粗犷凶狠的男音劈头盖脸,还没等张居安反应过来,便被人擒住双手,按在地上动弹不得了。

疼。

“周统领,你看清楚,你押着的人可不是需要鬼鬼祟祟的人。”贵妃娘娘好笑道。

周逸愣了一下,这才低头往下看,却见来人穿了纶巾布衣,却从身上掉了块牌子下来。

一甲第三。

周副统领连忙就松了手。

“周逸无礼,请探花郎恕罪。

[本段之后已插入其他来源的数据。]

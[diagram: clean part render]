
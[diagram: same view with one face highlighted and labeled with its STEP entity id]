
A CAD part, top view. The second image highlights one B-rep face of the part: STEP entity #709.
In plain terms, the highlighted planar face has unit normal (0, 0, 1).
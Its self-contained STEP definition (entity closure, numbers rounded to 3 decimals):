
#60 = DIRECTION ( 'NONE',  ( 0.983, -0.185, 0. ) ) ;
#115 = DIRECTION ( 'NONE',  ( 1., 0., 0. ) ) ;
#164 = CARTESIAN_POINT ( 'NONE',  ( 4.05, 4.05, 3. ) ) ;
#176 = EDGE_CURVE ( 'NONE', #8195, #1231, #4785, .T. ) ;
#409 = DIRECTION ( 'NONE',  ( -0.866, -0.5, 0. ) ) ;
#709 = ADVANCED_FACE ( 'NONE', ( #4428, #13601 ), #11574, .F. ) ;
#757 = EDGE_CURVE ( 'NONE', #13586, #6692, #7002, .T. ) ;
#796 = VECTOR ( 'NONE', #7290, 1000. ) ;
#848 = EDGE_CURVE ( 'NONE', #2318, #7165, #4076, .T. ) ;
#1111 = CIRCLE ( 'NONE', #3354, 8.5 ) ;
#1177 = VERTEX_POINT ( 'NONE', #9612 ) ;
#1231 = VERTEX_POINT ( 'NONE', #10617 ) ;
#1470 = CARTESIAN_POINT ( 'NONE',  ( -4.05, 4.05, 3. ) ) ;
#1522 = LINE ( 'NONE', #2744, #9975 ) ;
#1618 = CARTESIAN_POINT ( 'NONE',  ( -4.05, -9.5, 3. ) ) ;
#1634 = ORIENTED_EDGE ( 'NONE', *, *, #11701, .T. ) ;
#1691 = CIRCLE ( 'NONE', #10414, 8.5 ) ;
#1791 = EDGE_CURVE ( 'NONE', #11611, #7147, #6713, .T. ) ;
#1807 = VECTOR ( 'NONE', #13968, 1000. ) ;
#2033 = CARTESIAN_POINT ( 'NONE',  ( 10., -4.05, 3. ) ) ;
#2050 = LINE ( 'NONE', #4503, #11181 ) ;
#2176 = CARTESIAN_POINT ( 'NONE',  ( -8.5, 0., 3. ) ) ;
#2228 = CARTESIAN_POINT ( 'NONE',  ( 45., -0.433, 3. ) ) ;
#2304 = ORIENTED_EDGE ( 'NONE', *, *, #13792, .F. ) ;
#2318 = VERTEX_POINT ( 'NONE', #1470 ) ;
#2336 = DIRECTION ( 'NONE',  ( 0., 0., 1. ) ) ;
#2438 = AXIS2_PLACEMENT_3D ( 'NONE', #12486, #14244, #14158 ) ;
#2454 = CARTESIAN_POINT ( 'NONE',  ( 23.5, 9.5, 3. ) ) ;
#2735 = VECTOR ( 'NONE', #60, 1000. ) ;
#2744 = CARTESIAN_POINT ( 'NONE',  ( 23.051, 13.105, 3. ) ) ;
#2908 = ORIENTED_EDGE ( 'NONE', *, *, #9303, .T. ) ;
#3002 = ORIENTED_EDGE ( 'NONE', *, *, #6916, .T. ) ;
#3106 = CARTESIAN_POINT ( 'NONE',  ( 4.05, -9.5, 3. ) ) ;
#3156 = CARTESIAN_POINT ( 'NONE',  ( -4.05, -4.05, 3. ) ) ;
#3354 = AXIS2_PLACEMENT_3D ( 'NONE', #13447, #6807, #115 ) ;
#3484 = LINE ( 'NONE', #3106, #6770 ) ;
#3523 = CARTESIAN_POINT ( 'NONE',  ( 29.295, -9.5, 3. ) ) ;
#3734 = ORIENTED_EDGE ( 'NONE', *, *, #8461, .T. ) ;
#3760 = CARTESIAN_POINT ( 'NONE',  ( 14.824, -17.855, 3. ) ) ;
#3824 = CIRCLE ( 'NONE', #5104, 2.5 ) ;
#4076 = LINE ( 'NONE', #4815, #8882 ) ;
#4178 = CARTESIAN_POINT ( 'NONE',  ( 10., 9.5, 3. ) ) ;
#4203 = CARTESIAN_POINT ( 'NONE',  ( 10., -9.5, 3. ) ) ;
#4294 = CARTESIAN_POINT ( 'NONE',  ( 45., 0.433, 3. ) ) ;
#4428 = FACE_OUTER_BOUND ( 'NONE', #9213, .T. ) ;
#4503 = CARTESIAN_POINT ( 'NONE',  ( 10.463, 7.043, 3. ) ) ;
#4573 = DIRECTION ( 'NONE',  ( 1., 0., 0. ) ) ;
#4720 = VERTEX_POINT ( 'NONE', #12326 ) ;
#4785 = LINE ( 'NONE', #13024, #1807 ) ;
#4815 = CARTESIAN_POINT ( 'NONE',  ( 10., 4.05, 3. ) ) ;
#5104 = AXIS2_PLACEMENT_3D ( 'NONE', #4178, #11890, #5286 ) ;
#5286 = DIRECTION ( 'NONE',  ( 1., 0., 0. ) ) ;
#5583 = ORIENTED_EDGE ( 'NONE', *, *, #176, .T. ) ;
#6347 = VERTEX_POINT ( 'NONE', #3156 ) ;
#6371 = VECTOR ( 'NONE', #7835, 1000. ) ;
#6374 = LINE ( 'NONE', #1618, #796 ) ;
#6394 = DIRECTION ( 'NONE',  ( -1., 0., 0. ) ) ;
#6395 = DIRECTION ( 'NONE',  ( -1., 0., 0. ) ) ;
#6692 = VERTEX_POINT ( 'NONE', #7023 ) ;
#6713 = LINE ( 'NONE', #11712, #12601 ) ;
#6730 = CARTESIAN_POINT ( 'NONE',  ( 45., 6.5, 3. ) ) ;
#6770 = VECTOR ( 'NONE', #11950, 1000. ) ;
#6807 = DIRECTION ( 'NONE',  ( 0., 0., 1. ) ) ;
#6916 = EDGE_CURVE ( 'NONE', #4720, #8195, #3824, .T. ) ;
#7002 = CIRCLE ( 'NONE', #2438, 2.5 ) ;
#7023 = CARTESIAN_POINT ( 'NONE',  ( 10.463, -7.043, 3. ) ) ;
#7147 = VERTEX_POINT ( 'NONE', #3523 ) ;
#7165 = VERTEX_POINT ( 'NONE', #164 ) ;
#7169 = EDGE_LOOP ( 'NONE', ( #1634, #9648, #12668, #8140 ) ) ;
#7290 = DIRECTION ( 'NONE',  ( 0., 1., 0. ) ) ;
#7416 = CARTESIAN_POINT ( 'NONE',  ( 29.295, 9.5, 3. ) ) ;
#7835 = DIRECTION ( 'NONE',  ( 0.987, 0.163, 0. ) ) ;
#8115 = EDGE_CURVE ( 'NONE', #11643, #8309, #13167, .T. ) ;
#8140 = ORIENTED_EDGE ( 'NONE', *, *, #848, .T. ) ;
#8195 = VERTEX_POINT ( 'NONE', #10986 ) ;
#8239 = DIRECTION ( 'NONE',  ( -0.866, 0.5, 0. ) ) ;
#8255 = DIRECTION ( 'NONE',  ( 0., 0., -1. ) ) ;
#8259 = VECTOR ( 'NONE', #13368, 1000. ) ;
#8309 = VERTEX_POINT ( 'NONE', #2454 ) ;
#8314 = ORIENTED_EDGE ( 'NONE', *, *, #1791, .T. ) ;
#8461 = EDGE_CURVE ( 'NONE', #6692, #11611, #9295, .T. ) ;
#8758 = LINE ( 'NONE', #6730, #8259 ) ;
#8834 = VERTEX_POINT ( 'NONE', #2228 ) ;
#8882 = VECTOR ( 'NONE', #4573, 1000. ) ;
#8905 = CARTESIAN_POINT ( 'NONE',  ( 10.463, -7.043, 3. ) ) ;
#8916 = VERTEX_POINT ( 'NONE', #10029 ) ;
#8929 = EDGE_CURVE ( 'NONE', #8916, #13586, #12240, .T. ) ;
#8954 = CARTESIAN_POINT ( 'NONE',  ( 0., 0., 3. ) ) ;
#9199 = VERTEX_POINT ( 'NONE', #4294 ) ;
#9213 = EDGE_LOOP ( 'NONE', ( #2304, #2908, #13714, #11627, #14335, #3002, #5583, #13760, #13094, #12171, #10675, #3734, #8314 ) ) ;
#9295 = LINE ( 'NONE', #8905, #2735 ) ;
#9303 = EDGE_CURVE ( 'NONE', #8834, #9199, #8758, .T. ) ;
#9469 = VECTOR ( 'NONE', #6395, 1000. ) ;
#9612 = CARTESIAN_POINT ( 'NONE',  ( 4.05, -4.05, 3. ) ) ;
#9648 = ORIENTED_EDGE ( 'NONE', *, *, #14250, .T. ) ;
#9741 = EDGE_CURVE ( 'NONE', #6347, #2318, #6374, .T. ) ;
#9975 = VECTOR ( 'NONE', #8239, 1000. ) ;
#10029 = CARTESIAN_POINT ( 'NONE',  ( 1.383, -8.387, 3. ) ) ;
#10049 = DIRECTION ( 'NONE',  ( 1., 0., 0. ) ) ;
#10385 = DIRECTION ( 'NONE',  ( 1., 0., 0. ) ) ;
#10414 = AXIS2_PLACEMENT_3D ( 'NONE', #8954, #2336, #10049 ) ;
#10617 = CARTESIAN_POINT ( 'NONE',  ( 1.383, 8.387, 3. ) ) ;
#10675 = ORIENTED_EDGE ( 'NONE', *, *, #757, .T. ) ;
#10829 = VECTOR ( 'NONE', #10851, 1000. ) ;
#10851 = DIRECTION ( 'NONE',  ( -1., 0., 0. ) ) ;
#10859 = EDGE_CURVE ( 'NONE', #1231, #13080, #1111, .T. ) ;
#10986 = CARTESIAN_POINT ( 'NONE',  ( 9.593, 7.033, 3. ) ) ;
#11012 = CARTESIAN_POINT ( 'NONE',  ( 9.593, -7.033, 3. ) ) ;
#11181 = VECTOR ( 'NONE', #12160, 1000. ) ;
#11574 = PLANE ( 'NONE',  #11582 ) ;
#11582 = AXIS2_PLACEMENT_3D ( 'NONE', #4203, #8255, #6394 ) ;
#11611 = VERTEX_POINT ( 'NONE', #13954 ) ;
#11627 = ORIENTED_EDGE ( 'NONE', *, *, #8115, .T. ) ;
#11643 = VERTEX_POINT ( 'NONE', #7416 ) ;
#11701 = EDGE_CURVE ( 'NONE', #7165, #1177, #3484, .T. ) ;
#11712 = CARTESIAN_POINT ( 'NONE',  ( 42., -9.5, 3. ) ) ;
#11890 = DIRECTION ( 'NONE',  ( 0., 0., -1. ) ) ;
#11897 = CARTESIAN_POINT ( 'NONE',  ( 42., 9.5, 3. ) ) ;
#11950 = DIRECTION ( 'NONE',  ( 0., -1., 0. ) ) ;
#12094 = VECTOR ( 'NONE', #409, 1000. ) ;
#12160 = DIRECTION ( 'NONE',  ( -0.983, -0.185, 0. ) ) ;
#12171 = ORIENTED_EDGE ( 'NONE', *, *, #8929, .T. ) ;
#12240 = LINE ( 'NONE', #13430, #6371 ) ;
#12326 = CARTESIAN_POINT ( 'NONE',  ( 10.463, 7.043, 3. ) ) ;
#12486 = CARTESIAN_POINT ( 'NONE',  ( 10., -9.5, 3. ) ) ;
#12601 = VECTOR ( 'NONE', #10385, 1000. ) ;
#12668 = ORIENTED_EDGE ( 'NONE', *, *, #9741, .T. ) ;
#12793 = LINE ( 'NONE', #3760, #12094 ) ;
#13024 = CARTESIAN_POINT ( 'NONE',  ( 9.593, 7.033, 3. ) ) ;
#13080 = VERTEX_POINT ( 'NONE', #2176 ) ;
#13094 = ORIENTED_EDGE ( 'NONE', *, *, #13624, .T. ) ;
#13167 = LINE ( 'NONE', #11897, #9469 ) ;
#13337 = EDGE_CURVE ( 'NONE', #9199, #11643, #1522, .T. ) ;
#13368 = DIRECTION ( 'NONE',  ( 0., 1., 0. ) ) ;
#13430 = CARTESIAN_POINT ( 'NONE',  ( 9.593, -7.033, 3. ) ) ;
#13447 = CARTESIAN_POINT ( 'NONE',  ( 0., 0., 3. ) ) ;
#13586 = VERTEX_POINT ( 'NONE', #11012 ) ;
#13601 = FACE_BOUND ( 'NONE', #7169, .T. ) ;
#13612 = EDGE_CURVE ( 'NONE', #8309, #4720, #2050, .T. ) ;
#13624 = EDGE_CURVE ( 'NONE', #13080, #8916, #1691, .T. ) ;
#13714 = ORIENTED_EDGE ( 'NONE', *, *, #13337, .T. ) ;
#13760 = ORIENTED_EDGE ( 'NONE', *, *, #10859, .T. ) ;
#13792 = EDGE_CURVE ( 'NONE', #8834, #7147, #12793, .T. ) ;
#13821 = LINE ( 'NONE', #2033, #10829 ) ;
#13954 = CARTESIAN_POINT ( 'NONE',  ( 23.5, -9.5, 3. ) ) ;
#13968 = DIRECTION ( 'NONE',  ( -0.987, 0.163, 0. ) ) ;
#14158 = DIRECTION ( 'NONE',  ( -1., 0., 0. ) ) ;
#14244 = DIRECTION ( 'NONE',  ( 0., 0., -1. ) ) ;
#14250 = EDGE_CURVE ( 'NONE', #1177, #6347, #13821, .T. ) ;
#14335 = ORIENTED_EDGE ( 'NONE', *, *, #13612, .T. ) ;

”周逸拱手道歉

张居安好艰难地爬起来,姜雁容还示意身边的小太监上前帮忙,不过,张居安摆摆手拒绝了,自个儿扶着腰起的身。

“周……周统领。你不必自责,这不怪你。怪我,怪我自己。”张居安扶着树,苦笑说道。

周逸周副统领一脸的尴尬。他反手就按住了一个探花郎呢。

这未来人家要是当了什么大官,保不齐就……嗯,报复也是有可能的。这帮文人向来小心眼的很。

“探花郎不在里头坐着,与状元、榜眼还有诸位进士们聊聊文章天下事,怎么一个人在这儿躲着。”姜雁容好笑道。

张居安揉了揉后腰,勉强站直了身子,却见眼前这位娘娘的排场,十分气派,左右各两名侍女、两名嬷嬷,还有其他宫人内侍若干,最关键的是,她一身鞠衣,色如鞠尘,象桑叶始生,又戴了三花凤冠,左右簪流苏金步摇,额前贴花,脸上蒙着浅色轻纱,整个人往那儿一站,便雍容大度,端庄万方,绝非旁人所能企及。

这,这是那位赫赫有名独得盛宠的姜贵妃!

“张居安拜见贵妃娘娘凤驾,贵妃娘娘千岁千千岁。”张居安二话不说又跪下去行大礼。

“探花郎不必如此多礼,起来吧。”姜雁容微微笑道,“你一上来就行这么大个礼,不知情的还以为本宫难为你呢。”

“是。”张居安麻利儿地起了身,便自觉站到一旁去了。

姜雁容便领着众人率先过去了。

张居安暗暗松了口气,外界都传这位贵妃娘娘恃宠而骄,目中无人,可她看来,这贵妃娘娘虽然有贵妃气度,却是平易近人的很,就论那双眉眼,便叫人讨厌不起来。一个恃宠而骄的人,目光不会如此平静温和的。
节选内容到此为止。